Records from a data collection
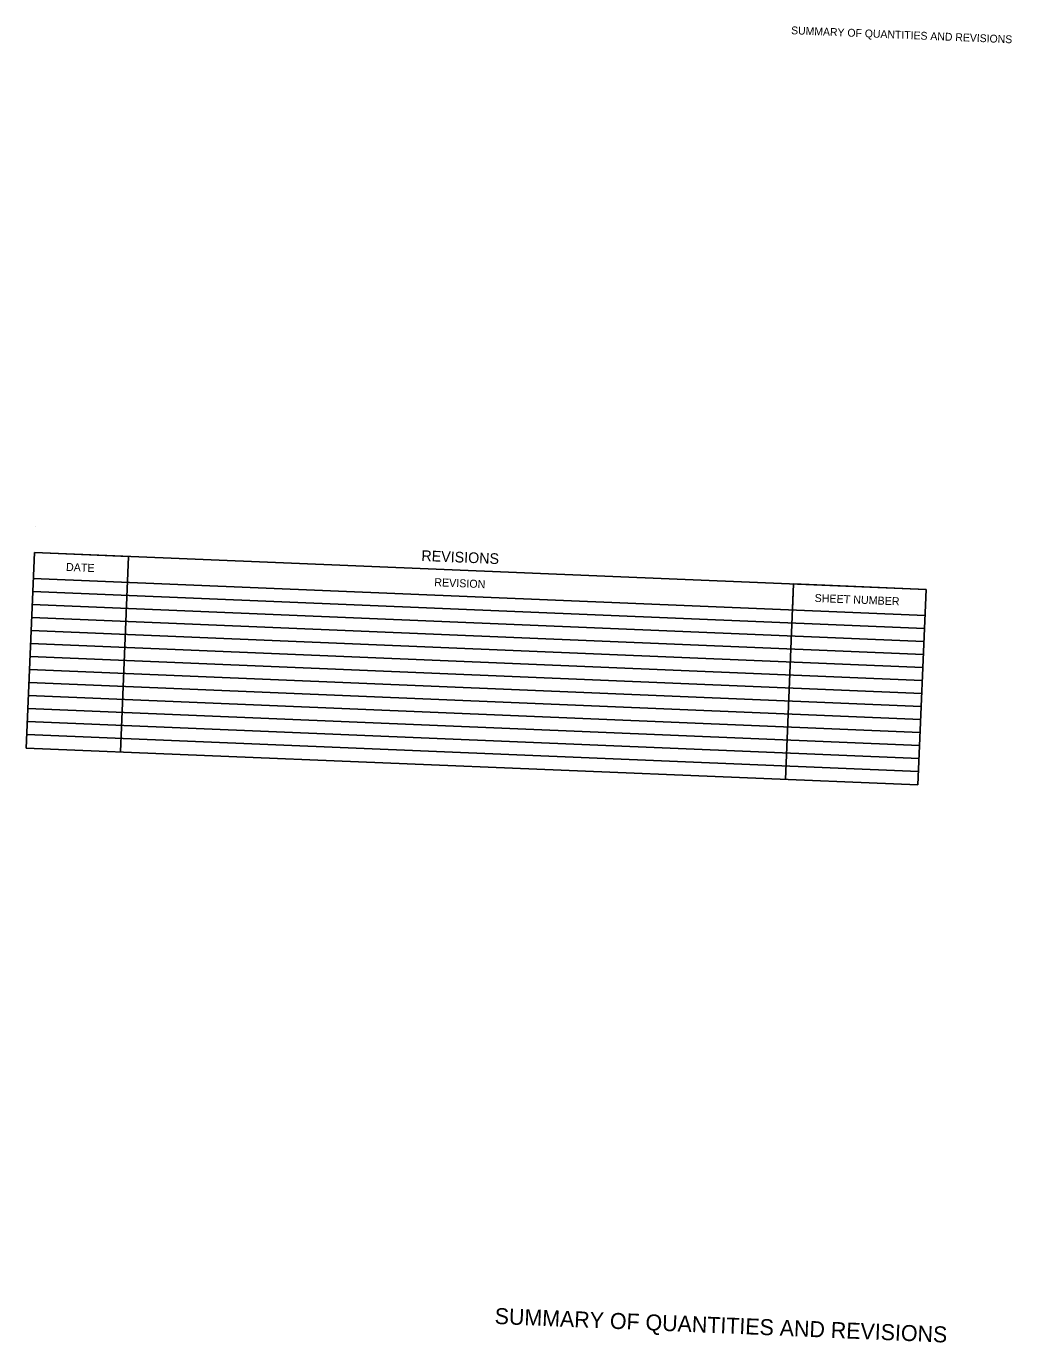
# Model space of a CAD drawing. Extents: x 1164179 to 1171425, y 1655958 to 1657208.
# Drawn here: x 1170686 to 1171425, y 1655958 to 1656945 of the extents above; entities that cross this region are included whole.
import ezdxf

# ---------------------------------------------------------------- set-up
doc = ezdxf.new("R2010")
doc.units = 0
for name, color, linetype in [('Default', 7, 'Continuous'), ('R_Border Prem', 7, 'Continuous'), ('R_Grid', 7, 'Continuous')]:
    doc.layers.add(name, color=color, linetype=linetype)

msp = doc.modelspace()

# ---------------------------------------------------------------- linework, layer by layer
at = {"layer": 'Default'}
for p, q in [((1170692.73, 1656570.18), (1170692.73, 1656570.18)), ((1170685.85, 1656404.09), (1170691.92, 1656550.7)), ((1170691.92, 1656550.7), (1171360.69, 1656523.03)), ((1170691.92, 1656550.7), (1170762.55, 1656547.78)), ((1170756.48, 1656401.16), (1170762.55, 1656547.78)), ((1170691.11, 1656531.22), (1171359.88, 1656503.55)), ((1171255.26, 1656380.53), (1171261.32, 1656527.14)), ((1171260.51, 1656507.66), (1171261.32, 1656527.14)), ((1171261.32, 1656527.14), (1171360.69, 1656523.03)), ((1170690.71, 1656521.47), (1171359.48, 1656493.81)), ((1171354.62, 1656376.42), (1171360.69, 1656523.03)), ((1171354.62, 1656376.42), (1171360.69, 1656523.03)), ((1170690.31, 1656511.73), (1171359.07, 1656484.07)), ((1170689.9, 1656501.99), (1171358.67, 1656474.32)), ((1170689.5, 1656492.25), (1171358.27, 1656464.58)), ((1170689.1, 1656482.51), (1171357.86, 1656454.84)), ((1170688.7, 1656472.77), (1171357.46, 1656445.1)), ((1170688.29, 1656463.02), (1171357.06, 1656435.36)), ((1170687.89, 1656453.28), (1171356.66, 1656425.62)), ((1170687.49, 1656443.54), (1171356.25, 1656415.87)), ((1170687.08, 1656433.8), (1171355.85, 1656406.13)), ((1170686.68, 1656424.06), (1171355.45, 1656396.39)), ((1170686.28, 1656414.32), (1171355.04, 1656386.65)), ((1170685.85, 1656404.09), (1171354.62, 1656376.42))]:
    msp.add_line(p, q, dxfattribs=at)

# ---------------------------------------------------------------- texts
for s, height, p in [('REVISIONS', 8, (1170982.03, 1656544.45)), ('DATE', 6, (1170715.51, 1656536.96)), ('REVISION', 6, (1170991.73, 1656525.54)), ('SHEET NUMBER', 6, (1171276.99, 1656513.73))]:
    msp.add_text(s, height=height, rotation=357.63112, dxfattribs=at).set_placement(p)
at = {"layer": 'R_Border Prem'}
msp.add_text('SUMMARY OF QUANTITIES AND REVISIONS', height=12, rotation=357.63112, dxfattribs=at).set_placement((1171036.94, 1655972.32))
at = {"layer": 'R_Grid'}
msp.add_text('SUMMARY OF QUANTITIES AND REVISIONS', height=5.862, rotation=357.63112, dxfattribs=at).set_placement((1171259.37, 1656939.42))

doc.saveas('drawing.dxf')

→ Work required:
Output every entry exactly as given; pictures are not part of the copy.

→ Response to this exercise:
# Model space of a CAD drawing. Extents: x 1164179 to 1171425, y 1655958 to 1657208.
# Drawn here: x 1170686 to 1171425, y 1655958 to 1656945 of the extents above; entities that cross this region are included whole.
import ezdxf

# ---------------------------------------------------------------- set-up
doc = ezdxf.new("R2010")
doc.units = 0
for name, color, linetype in [('Default', 7, 'Continuous'), ('R_Border Prem', 7, 'Continuous'), ('R_Grid', 7, 'Continuous')]:
    doc.layers.add(name, color=color, linetype=linetype)

msp = doc.modelspace()

# ---------------------------------------------------------------- linework, layer by layer
at = {"layer": 'Default'}
for p, q in [((1170692.73, 1656570.18), (1170692.73, 1656570.18)), ((1170685.85, 1656404.09), (1170691.92, 1656550.7)), ((1170691.92, 1656550.7), (1171360.69, 1656523.03)), ((1170691.92, 1656550.7), (1170762.55, 1656547.78)), ((1170756.48, 1656401.16), (1170762.55, 1656547.78)), ((1170691.11, 1656531.22), (1171359.88, 1656503.55)), ((1171255.26, 1656380.53), (1171261.32, 1656527.14)), ((1171260.51, 1656507.66), (1171261.32, 1656527.14)), ((1171261.32, 1656527.14), (1171360.69, 1656523.03)), ((1170690.71, 1656521.47), (1171359.48, 1656493.81)), ((1171354.62, 1656376.42), (1171360.69, 1656523.03)), ((1171354.62, 1656376.42), (1171360.69, 1656523.03)), ((1170690.31, 1656511.73), (1171359.07, 1656484.07)), ((1170689.9, 1656501.99), (1171358.67, 1656474.32)), ((1170689.5, 1656492.25), (1171358.27, 1656464.58)), ((1170689.1, 1656482.51), (1171357.86, 1656454.84)), ((1170688.7, 1656472.77), (1171357.46, 1656445.1)), ((1170688.29, 1656463.02), (1171357.06, 1656435.36)), ((1170687.89, 1656453.28), (1171356.66, 1656425.62)), ((1170687.49, 1656443.54), (1171356.25, 1656415.87)), ((1170687.08, 1656433.8), (1171355.85, 1656406.13)), ((1170686.68, 1656424.06), (1171355.45, 1656396.39)), ((1170686.28, 1656414.32), (1171355.04, 1656386.65)), ((1170685.85, 1656404.09), (1171354.62, 1656376.42))]:
    msp.add_line(p, q, dxfattribs=at)

# ---------------------------------------------------------------- texts
for s, height, p in [('REVISIONS', 8, (1170982.03, 1656544.45)), ('DATE', 6, (1170715.51, 1656536.96)), ('REVISION', 6, (1170991.73, 1656525.54)), ('SHEET NUMBER', 6, (1171276.99, 1656513.73))]:
    msp.add_text(s, height=height, rotation=357.63112, dxfattribs=at).set_placement(p)
at = {"layer": 'R_Border Prem'}
msp.add_text('SUMMARY OF QUANTITIES AND REVISIONS', height=12, rotation=357.63112, dxfattribs=at).set_placement((1171036.94, 1655972.32))
at = {"layer": 'R_Grid'}
msp.add_text('SUMMARY OF QUANTITIES AND REVISIONS', height=5.862, rotation=357.63112, dxfattribs=at).set_placement((1171259.37, 1656939.42))

doc.saveas('drawing.dxf')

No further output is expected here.